Berk v. Blaha

184 N.W.2d 926 | Mich. | 1971

384 Mich. 580 (1971)
184 N.W.2d 926

BERK
v.
BLAHA

No. 35 January Term 1971, Docket No. 52,688.

Supreme Court of Michigan.

Decided April 5, 1971.

*581 Charfoos & Charfoos, for plaintiffs.

Plunkett, Cooney, Rutt & Peacock (by John D. Hayes and Richard F. Brennan).

PER CURIAM:

On the evening of June 14, 1967, 17-year old Robert Blaha, Jr., was driving east on Maple Road. A yellow flasher controlled its intersection with Middlebelt Road. About 200 to 250 feet before coming to the intersection, the view of Middlebelt Road to the north was blocked by a church. Robert testified he was driving at 40 miles per hour, five miles below the speed limit, as he passed the church. No obstruction to his view of Middlebelt existed from there to the intersection.

Plaintiffs were passengers in a car traveling south on Middlebelt Road. The car came through a red flasher. The Blaha car hit the Berk car on the right side in the intersection of Maple Road and Middlebelt Road. This suit for injuries to the passengers in the Berk car is the result.

Counsel elected to base plaintiffs' case solely on the testimony of defendant-driver, Robert Blaha, Jr., who was called for cross-examination by plaintiffs pursuant to the provisions of MCLA § 600.2161 *582 (Stat Ann 1962 Rev § 27A.2161). Robert, Jr., testified that he slowed down so that his speed was about 30 miles per hour by the time he reached the intersection, that he looked to both left and right but saw no vehicle on Middlebelt. He caught a glimpse of headlights coming from the left, slammed on his brakes and hit plaintiffs' car which he saw for the first time when it was 25 to 30 feet away. The trial court directed a verdict for defendants. Plaintiffs appealed. The Court of Appeals affirmed (21 Mich App 83). We granted leave (383 Mich 817).

Was there sufficient evidence of negligence to take the case to the jury?

A driver approaching an intersection with a yellow flashing signal light is required to proceed with caution. A driver approaching an intersection with a red flashing signal light is required to stop. MCLA § 257.614 (Stat Ann 1968 Rev § 9.2314).

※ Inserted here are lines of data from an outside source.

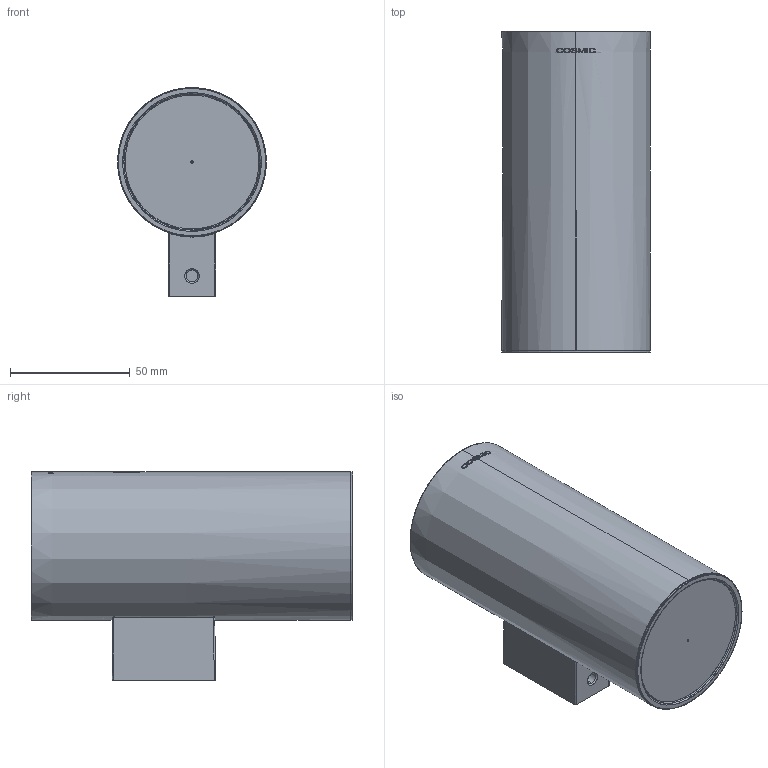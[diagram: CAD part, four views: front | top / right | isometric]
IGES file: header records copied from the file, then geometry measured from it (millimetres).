
Start section: SolidWorks IGES file using analytic representation for surfaces
Global section: file name: G:\Projects\New project\For Marketing\IGS\IGS\2050153VW.IGS; native system: SolidWorks 2010; preprocessor: SolidWorks 2010; author: weijuan; date: 151008.150824; units: inch
Bounding box: 62 x 134 x 87 mm (x, y, z)
Surface area: 54585.3 mm2 (no closed solid volume)
Topology: 0 solids, 0 shells, 198 faces, 2394 edges, 2381 vertices
Faces by surface type: bspline 111, revolution 87
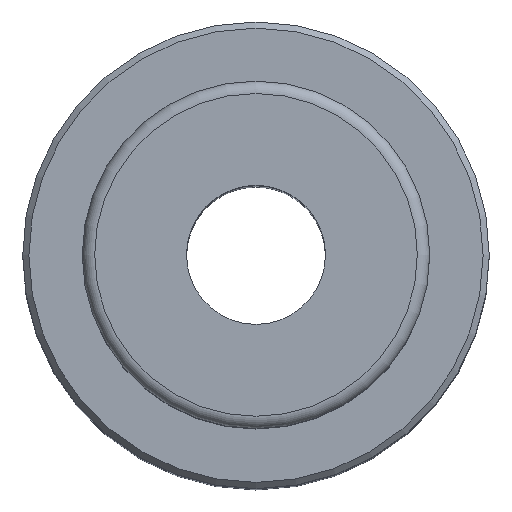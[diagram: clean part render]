
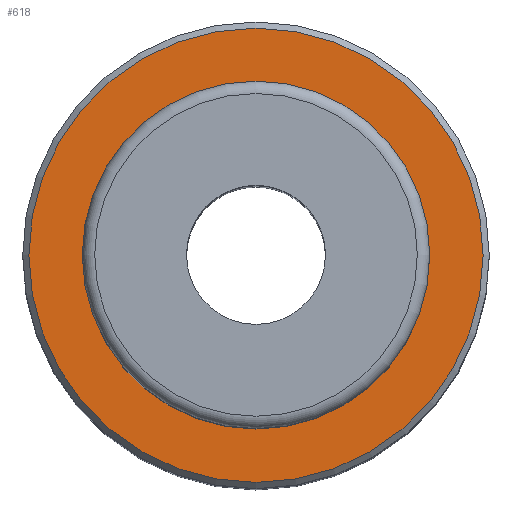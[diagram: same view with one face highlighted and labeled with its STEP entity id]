
A CAD part, top view. The second image highlights one B-rep face of the part: STEP entity #618.
In plain terms, the highlighted planar face has unit normal (0, 0, 1).
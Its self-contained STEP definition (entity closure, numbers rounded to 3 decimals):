
#511 = EDGE_CURVE('',#512,#512,#514,.T.);
#512 = VERTEX_POINT('',#513);
#513 = CARTESIAN_POINT('',(11.2,0.,126.));
#514 = CIRCLE('',#515,11.2);
#515 = AXIS2_PLACEMENT_3D('',#516,#517,#518);
#516 = CARTESIAN_POINT('',(0.,0.,126.));
#517 = DIRECTION('',(0.,0.,1.));
#518 = DIRECTION('',(1.,0.,0.));
#618 = ADVANCED_FACE('',(#619,#630),#633,.T.);
#619 = FACE_BOUND('',#620,.T.);
#620 = EDGE_LOOP('',(#621));
#621 = ORIENTED_EDGE('',*,*,#622,.T.);
#622 = EDGE_CURVE('',#623,#623,#625,.T.);
#623 = VERTEX_POINT('',#624);
#624 = CARTESIAN_POINT('',(36.6,0.,126.));
#625 = CIRCLE('',#626,36.6);
#626 = AXIS2_PLACEMENT_3D('',#627,#628,#629);
#627 = CARTESIAN_POINT('',(0.,0.,126.));
#628 = DIRECTION('',(0.,0.,1.));
#629 = DIRECTION('',(1.,0.,0.));
#630 = FACE_BOUND('',#631,.T.);
#631 = EDGE_LOOP('',(#632));
#632 = ORIENTED_EDGE('',*,*,#511,.F.);
#633 = PLANE('',#634);
#634 = AXIS2_PLACEMENT_3D('',#635,#636,#637);
#635 = CARTESIAN_POINT('',(0.,0.,126.));
#636 = DIRECTION('',(0.,0.,1.));
#637 = DIRECTION('',(1.,0.,0.));

The duty of a driver approaching an intersection controlled by a yellow flashing signal was discussed in DePriest v. Kooiman (1967), 379 Mich 44, 49:

"It is not the law of this State that a motorist proceeding on a favored trunkline, toward an intersection controlled by flashing lights under said CLS 1961, § 257.614, must slow down to an insurer's rate of speed when he sees another motor vehicle approach on the nonfavored way, and then stop according to law, only to start out into the intersection on a then inevitable collision course."

See also, McGuire v. Rabaut (1958), 354 Mich 230, 236, 238, 239.

In Moffatt v. Helmer (1956), 345 Mich 153, this Court held there was a proper jury issue as to the negligence of a motorist proceeding through a yellow flasher when there was evidence that he knew the vehicle approaching the red flasher was proceeding at such a rate of speed that it could not *583 stop before entering the intersection. In this case, there is no testimony that defendant-driver saw, could have seen, or could not have seen plaintiffs' car until he was 25 to 30 feet from it. There is no testimony whatsoever as to speed of plaintiffs' vehicle. It could have been traveling 90 miles per hour or 30. The trial court correctly pointed out, "there are all kinds of possibilities, but there is nothing in the record."

Upon favorable view, the testimony in this case fails to present any facts from which a jury might properly find a breach of duty by defendant-driver. The trial court and the Court of Appeals are affirmed. Costs to appellees.

T.M. KAVANAGH, C.J., and BLACK, ADAMS, T.E. BRENNAN, T.G. KAVANAGH, SWAINSON, and WILLIAMS, JJ., concurred.